Saturday, November 7, 2020

The Trap Door

I’m writing a blog post- that’s how you know things are bad...

For a few weeks, I’ve been keeping a secret. I applied and interviewed for an administrator job in another district. After 15 years in the trenches, I was ready to hang up my CCC’s, give away all materials and set sail. I visualized it, I felt the heartache of leaving my students and my colleagues and I had conversations with my husband about what our lives would look like when I took this job. Except, I didn’t get the job....

So I felt all the feelings associated with that news. Rejection, sadness and a bit of relief, too, for not having to make that hard choice. But there was something more under that, a nagging “else”, that I couldn’t quite name. Why did I feel so bad?

And then it hit me, as it usually does when I take the time to listen, this job was my way out. It was my trap door.

School year 20-21 has been a lot and every day, it seems to get more and more complicated.

Let me rewind. This summer as plans for the school year were being made, I was on team Go Back To School. All I wanted was to see kids in person. I am not afraid of COVID, I feel safe with all my PPE, I am not high risk. This is not about fear. 

This is about the weight of teaching in a pandemic. This is about trying to close gaps created by 6 months of no school. This is about juggling an every other day schedule from 6 feet away with masks on. This is about cleaning between groups of children. This is about making sure kids aren’t sharing materials, are washing their hands, are socially distanced. This is about the expectation of fitting 180 days of curriculum into 70 days of school. Fitting 45 day evaluation timelines into Tuesdays and Thursdays. Servicing a growing number of students in need without the time in your schedule or the space in your room. This is about the constant problem solving that takes place every day. This is about wondering how to provide services and education to the growing number of students who are quarantined for weeks on end. This is about the constant criticism and side line commentary from parents and the public in general. 

Nothing has changed with our expectations- of students, of teachers and yet, everything has changed. How can it be that we are expected to do the same job in completely different circumstances? 

And what I realized, just today, approximately 1/3 of the way into the school year, is I am looking for that trap door. A way out. I’m tired and I want to go home. 

Now, please understand, I have every single support in place a person needs. I have friends to talk to, colleagues who lift me up, building administrators who care so much. I have outlets- like my CrossFit, podcasts and books. I sleep at night and I don’t work on the weekends. I use every healthy coping skill in my tool belt. So, if I’m feeling this way- then I imagine that there are legions of educators and support staff and therapists and nurses and even administrators who are looking for a way out too.

So now that my trap door has been cemented shut, now what? Now, it seems, I have no choice but to keep on going.


To continue to show up, every day, and do my job. To eat that elephant, one bite at a time. To look for the good, and laugh with the kids. 

I can’t escape the challenge that is the 20-21 school year, I am in it, now.

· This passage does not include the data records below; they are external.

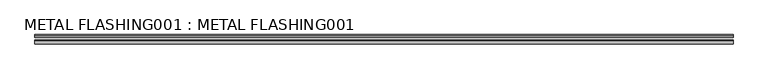
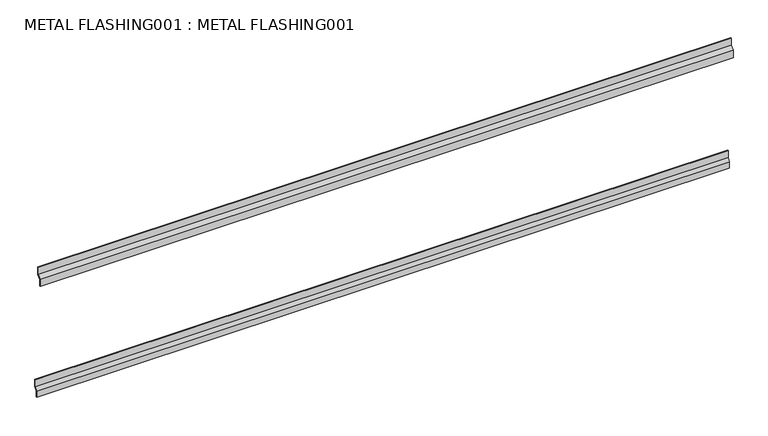
"""IFC4 building model written with IfcOpenShell, lengths in millimetres: proxy geometry, METAL FLASHING001 : METAL FLASHING001."""

from ifc_helpers import new_model, si_unit, frame, origin, place, context, project, spatial, polyline, outline, extrude, source, transform, mapped, element, save


def metal_flashing001_metal_flashing001_148fdf84(model_context):
    return source(origin(), model_context, "Body", "SweptSolid", [
        extrude(outline(polyline([(-5601.520996, 42709.570312), (-5611.268555, 42700.125), (-5611.268555, 42679.632812), (-5613.808555, 42679.632812), (-5613.808555, 42701.2006089), (-5604.060996, 42710.6459209), (-5604.060996, 42732.367188), (-5601.520996, 42732.367188), (-5601.520996, 42709.570312)])), frame((12382.7678845, 0.0, 0.0), z_axis=(1.0, 0.0, 0.0), x_axis=(0.0, 1.0, 0.0)), (0.0, 0.0, 1.0), 2000.25),
        extrude(outline(polyline([(-5586.8675368, 42358.078125), (-5592.980957, 42348.316406), (-5592.980957, 42330.03125), (-5595.520957, 42330.03125), (-5595.520957, 42349.0461179), (-5589.4075368, 42358.8078369), (-5589.4075368, 42380.582031), (-5586.8675368, 42380.582031), (-5586.8675368, 42358.078125)])), frame((12382.7678845, 0.0, 0.0), z_axis=(1.0, 0.0, 0.0), x_axis=(0.0, 1.0, 0.0)), (0.0, 0.0, 1.0), 2000.25),
    ])


if __name__ == "__main__":
    model = new_model("IFC4")
    model_context = context("Model", 3, world=origin())
    ifc_project = project(units=[si_unit("LENGTHUNIT", "METRE", prefix="MILLI")], contexts=[model_context])
    site = spatial("IfcSite", under=ifc_project)
    building = spatial("IfcBuilding", under=site)
    placement = place(None, origin())
    metal_flashing001_metal_flashing001_shape = metal_flashing001_metal_flashing001_148fdf84(model_context)
    element("IfcBuildingElementProxy", 1, Name="METAL FLASHING001 : METAL FLASHING001", ObjectType="METAL FLASHING001 : METAL FLASHING001", at=placement, inside=building, context=model_context, shape_type="MappedRepresentation", body=[
        mapped(metal_flashing001_metal_flashing001_shape, transform((0.0, 0.0, 0.0), x_axis=(1.0, 0.0, 0.0), y_axis=(0.0, 1.0, 0.0), z_axis=(0.0, 0.0, 1.0))),
    ])
    save(model, "model.ifc")

# Revit data of these elements
# Type "METAL FLASHING001 : METAL FLASHING001"
#   NameOverride = "METAL FLASHING001"
# Element 1 (IfcBuildingElementProxy, "METAL FLASHING001 : METAL FLASHING001")
#   Materials on its faces: "16 GA. COPPER BRAKE METAL FLASHING"
# Materials
#   "16 GA. COPPER BRAKE METAL FLASHING": class "Unassigned", colour RGB 128 128 128, transparency 0
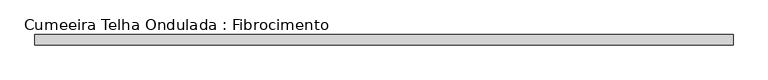
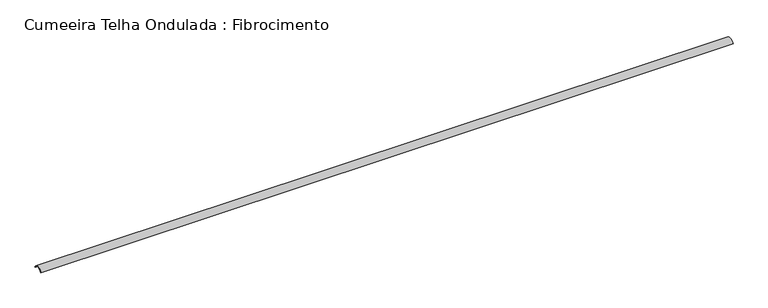
"""IFC4 building model written with IfcOpenShell, lengths in millimetres: beam geometry, Cumeeira Telha Ondulada : Fibrocimento."""

from ifc_helpers import new_model, si_unit, point, frame, frame_2d, origin, place, context, project, spatial, polyline, circle_curve, trimmed, segment, composite_curve, outline, extrude, source, transform, mapped, element, save


def cumeeira_telha_ondulada_fibrocimento_a8dbf5af(model_context):
    return source(origin(), model_context, "Body", "SweptSolid", [
        extrude(outline(composite_curve([segment(polyline([(58.3970135, 42.4437972), (53.9055884, 40.2467307)]), True, "CONTINUOUS"), segment(trimmed(circle_curve(frame_2d((-1.6029865, 13.0936483)), 61.7939461), [point((53.9055884, 40.2467307))], [point((-57.1115615, 40.2467307))], True, "CARTESIAN"), True, "CONTINUOUS"), segment(polyline([(-57.1115615, 40.2467307), (-61.6029865, 42.4437972)]), True, "CONTINUOUS"), segment(trimmed(circle_curve(frame_2d((-1.6029865, 13.0936483)), 66.7939461), [point((-61.6029865, 42.4437972))], [point((58.3970135, 42.4437972))], False, "CARTESIAN"), True, "CONTINUOUS")], self_intersect=False)), frame((-3970.0, 0.0, 0.0), z_axis=(1.0, 0.0, 0.0), x_axis=(0.0, 1.0, 0.0)), (0.0, 0.0, 1.0), 7940.0),
    ])


if __name__ == "__main__":
    model = new_model("IFC4")
    model_context = context("Model", 3, world=origin())
    ifc_project = project(units=[si_unit("LENGTHUNIT", "METRE", prefix="MILLI")], contexts=[model_context])
    site = spatial("IfcSite", under=ifc_project)
    building = spatial("IfcBuilding", under=site)
    placement = place(None, origin())
    cumeeira_telha_ondulada_fibrocimento_shape = cumeeira_telha_ondulada_fibrocimento_a8dbf5af(model_context)
    element("IfcBeam", 1, ObjectType="Cumeeira Telha Ondulada : Fibrocimento", at=placement, inside=building, context=model_context, shape_type="MappedRepresentation", body=[
        mapped(cumeeira_telha_ondulada_fibrocimento_shape, transform((0.0, 0.0, 0.0), x_axis=(1.0, 0.0, 0.0), y_axis=(0.0, 1.0, 0.0), z_axis=(0.0, 0.0, 1.0))),
    ])
    save(model, "model.ifc")

# Revit data of these elements
# Type "Cumeeira Telha Ondulada : Fibrocimento"
#   Cost = 5
#   Length [instance default] = 1.524 m
#   b = 0.07 m
#   h = 0.16 m
#   Structural Material = .TELHA DE FIBROCIMENTO
#   Assembly Code = ""
# Element 1 (IfcBeam, "Cumeeira Telha Ondulada : Fibrocimento")
#   Materials on its faces: ".TELHA DE FIBROCIMENTO"
# Materials
#   ".TELHA DE FIBROCIMENTO": class "CC_TELHADO", colour RGB 77 77 76, transparency 0, Description = "TELHA ONDULADA FIBROCIMENTO", Cost = 0
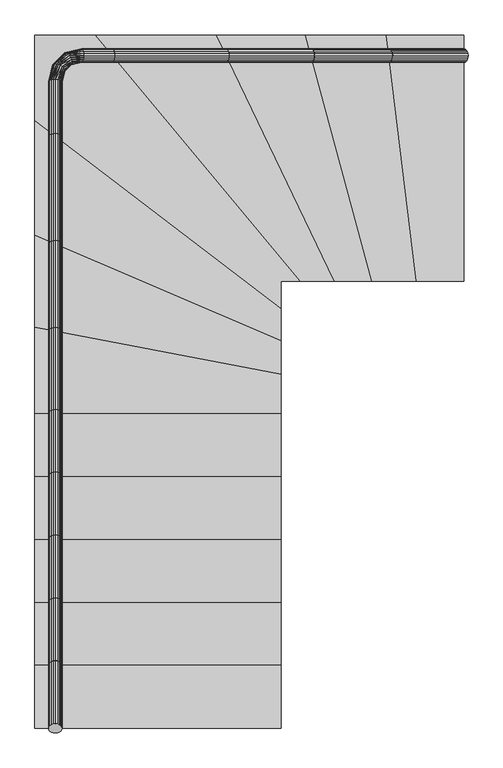
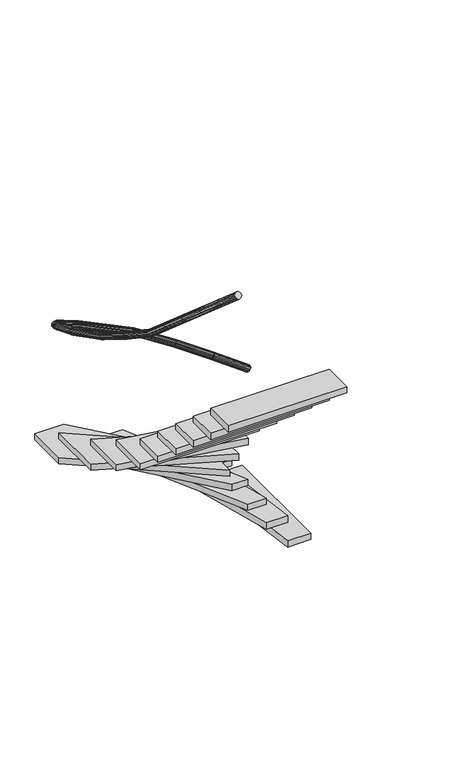
"""IFC4 building model written with IfcOpenShell, lengths in millimetres: stair geometry, 0_3d."""

from ifc_helpers import new_model, si_unit, frame, origin, origin_with_axes, place, context, project, spatial, polyline, outline, extrude, faceted_brep, source, transform, mapped, element, save


def stair_9af007b4(model_context):
    return source(origin(), model_context, "Body", "SolidModel", [
        extrude(outline(polyline([(1.2235871, -7.9923213), (0.0, 0.0), (1.2235871, 7.9923214), (4.7745751, 15.2022986), (10.3053687, 20.9241691), (17.2745751, 24.5978359), (25.0, 25.8636953), (32.7254249, 24.5978359), (39.6946313, 20.9241691), (45.2254249, 15.2022986), (48.7764129, 7.9923214), (50.0, 0.0), (48.7764129, -7.9923213), (45.2254249, -15.2022986), (39.6946313, -20.924169), (32.7254249, -24.5978359), (25.0, -25.8636953), (17.2745751, -24.5978359), (10.3053687, -20.924169), (4.7745751, -15.2022986), (1.2235871, -7.9923213)])), frame((50.0, 936.9712063, 2669.5592366), z_axis=(0.0, -0.7546055221634576, 0.6561787149248409), x_axis=(1.0, 0.0, 0.0)), (0.0, 0.0, 1.0), 304.7950131),
        extrude(outline(polyline([(970.0, 1651.5730429), (900.0, 1651.5730429), (900.0, 1551.5730429), (0.0, 2237.7659758), (0.0, 2551.5730429), (219.7566439, 2551.5730429), (970.0, 1651.5730429)])), frame((0.0, 0.0, 800.0), z_axis=(0.0, 0.0, 1.0), x_axis=(1.0, 0.0, 0.0)), (0.0, 0.0, 1.0), 50.0),
        extrude(outline(polyline([(1.2235871, -7.9923213), (0.0, 0.0), (1.2235871, 7.9923214), (4.7745751, 15.2022986), (10.3053687, 20.9241691), (17.2745751, 24.5978359), (25.0, 25.8636953), (32.7254249, 24.5978359), (39.6946313, 20.9241691), (45.2254249, 15.2022986), (48.7764129, 7.9923214), (50.0, 0.0), (48.7764129, -7.9923213), (45.2254249, -15.2022986), (39.6946313, -20.924169), (32.7254249, -24.5978359), (25.0, -25.8636953), (17.2745751, -24.5978359), (10.3053687, -20.924169), (4.7745751, -15.2022986), (1.2235871, -7.9923213)])), frame((50.0, 706.9712063, 2869.5592366), z_axis=(0.0, -0.7546055221634843, 0.6561787149248102), x_axis=(1.0, 0.0, 0.0)), (0.0, 0.0, 1.0), 304.7950131),
        extrude(outline(polyline([(1093.3486159, 1651.5730429), (970.0, 1651.5730429), (219.7566439, 2551.5730429), (662.4236343, 2551.5730429), (1093.3486159, 1651.5730429)])), frame((0.0, 0.0, 600.0), z_axis=(0.0, 0.0, 1.0), x_axis=(1.0, 0.0, 0.0)), (0.0, 0.0, 1.0), 50.0),
        faceted_brep([(51.2235871, 2177.2875031, 1862.2686626), (50.0, 2180.5832314, 1869.5592366), (51.2235871, 2183.8789598, 1876.8498106), (54.7745751, 2186.8520793, 1883.4267324), (60.3053687, 2189.2115603, 1888.6462072), (67.2745751, 2190.7264404, 1891.9973162), (75.0, 2191.2484324, 1893.1520297), (82.7254249, 2190.7264404, 1891.9973162), (89.6946313, 2189.2115603, 1888.6462072), (95.2254249, 2186.8520793, 1883.4267324), (98.7764129, 2183.8789598, 1876.8498106), (100.0, 2180.5832314, 1869.5592366), (98.7764129, 2177.2875031, 1862.2686626), (95.2254249, 2174.3143835, 1855.6917408), (89.6946313, 2171.9549025, 1850.4722661), (82.7254249, 2170.4400225, 1847.121157), (75.0, 2169.9180304, 1845.9664435), (67.2745751, 2170.4400225, 1847.121157), (60.3053687, 2171.9549025, 1850.4722661), (54.7745751, 2174.3143835, 1855.6917408), (51.2235871, 1791.6314427, 2076.5199053), (50.0, 1787.6876226, 2069.5592366), (51.2235871, 1783.7438024, 2062.5985679), (54.7745751, 1780.1860309, 2056.319258), (60.3053687, 1777.3625674, 2051.3359694), (67.2745751, 1775.5497922, 2048.1365012), (75.0, 1774.9251525, 2047.0340396), (82.7254249, 1775.5497922, 2048.1365012), (89.6946313, 1777.3625674, 2051.3359694), (95.2254249, 1780.1860309, 2056.319258), (98.7764129, 1783.7438024, 2062.5985679), (100.0, 1787.6876226, 2069.5592366), (98.7764129, 1791.6314427, 2076.5199053), (95.2254249, 1795.1892143, 2082.7992152), (89.6946313, 1798.0126778, 2087.7825038), (82.7254249, 1799.8254529, 2090.981972), (75.0, 1800.4500927, 2092.0844336), (67.2745751, 1799.8254529, 2090.981972), (60.3053687, 1798.0126778, 2087.7825038), (54.7745751, 1795.1892143, 2082.7992152)], [[[0, 1, 2, 3, 4, 5, 6, 7, 8, 9, 10, 11, 12, 13, 14, 15, 16, 17, 18, 19]], [[20, 21, 22, 23, 24, 25, 26, 27, 28, 29, 30, 31, 32, 33, 34, 35, 36, 37, 38, 39]], [[2, 1, 21, 20]], [[3, 2, 20, 39]], [[4, 3, 39, 38]], [[5, 4, 38, 37]], [[6, 5, 37, 36]], [[7, 6, 36, 35]], [[8, 7, 35, 34]], [[9, 8, 34, 33]], [[10, 9, 33, 32]], [[11, 10, 32, 31]], [[12, 11, 31, 30]], [[13, 12, 30, 29]], [[14, 13, 29, 28]], [[15, 14, 28, 27]], [[16, 15, 27, 26]], [[17, 16, 26, 25]], [[18, 17, 25, 24]], [[19, 18, 24, 23]], [[0, 19, 23, 22]], [[1, 0, 22, 21]]]),
        faceted_brep([(279.0658693, 2500.3494558, 1662.2350128), (282.2769235, 2501.5730429, 1669.5592366), (285.4879778, 2500.3494558, 1676.8834604), (288.3847117, 2496.7984678, 1683.4907382), (290.6835727, 2491.2676742, 1688.7343035), (292.1595323, 2484.2984678, 1692.1008796), (292.6681133, 2476.5730429, 1693.2609227), (292.1595323, 2468.8476181, 1692.1008796), (290.6835727, 2461.8784116, 1688.7343035), (288.3847117, 2456.3476181, 1683.4907382), (285.4879778, 2452.79663, 1676.8834604), (282.2769235, 2451.5730429, 1669.5592366), (279.0658693, 2452.79663, 1662.2350128), (276.1691354, 2456.3476181, 1655.627735), (273.8702744, 2461.8784116, 1650.3841697), (272.3943148, 2468.8476181, 1647.0175936), (271.8857337, 2476.5730429, 1645.8575505), (272.3943148, 2484.2984678, 1647.0175936), (273.8702744, 2491.2676742, 1650.3841697), (276.1691354, 2496.7984678, 1655.627735), (51.2235871, 2183.8789598, 1876.8498106), (50.0, 2180.5832314, 1869.5592366), (51.2235871, 2177.2875031, 1862.2686626), (54.7745751, 2174.3143835, 1855.6917408), (60.3053687, 2171.9549025, 1850.4722661), (67.2745751, 2170.4400225, 1847.121157), (75.0, 2169.9180304, 1845.9664435), (82.7254249, 2170.4400225, 1847.121157), (89.6946313, 2171.9549025, 1850.4722661), (95.2254249, 2174.3143835, 1855.6917408), (98.7764129, 2177.2875031, 1862.2686626), (100.0, 2180.5832314, 1869.5592366), (98.7764129, 2183.8789598, 1876.8498106), (95.2254249, 2186.8520793, 1883.4267324), (89.6946313, 2189.2115603, 1888.6462072), (82.7254249, 2190.7264404, 1891.9973162), (75.0, 2191.2484324, 1893.1520297), (67.2745751, 2190.7264404, 1891.9973162), (60.3053687, 2189.2115603, 1888.6462072), (54.7745751, 2186.8520793, 1883.4267324), (171.1411888, 2501.5730429, 1713.724975), (174.0928304, 2500.3494558, 1721.1522903), (176.7555448, 2496.7984678, 1727.8525682), (178.8686869, 2491.2676742, 1733.1699389), (180.2254077, 2484.2984678, 1736.583901), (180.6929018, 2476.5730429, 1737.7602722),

It’s not how I imagined. The burdens are so, so heavy. But I suppose it’s time to put down the expectations of myself and do my best, whatever that looks like on any given day.

This is hard stuff. If you know an educator, if you love an educator, please know how hard this is. If you’re inclined to pray for doctors and nurses who fight this pandemic, pray for us too. The fight we show up to each day may not be life or death, but boy it feels that way.

To the educators  I love, we will only get through this together. And I’d you’ve found your own trap door- no judgment. I hope you land softly and with grace. 
Thank you for your service.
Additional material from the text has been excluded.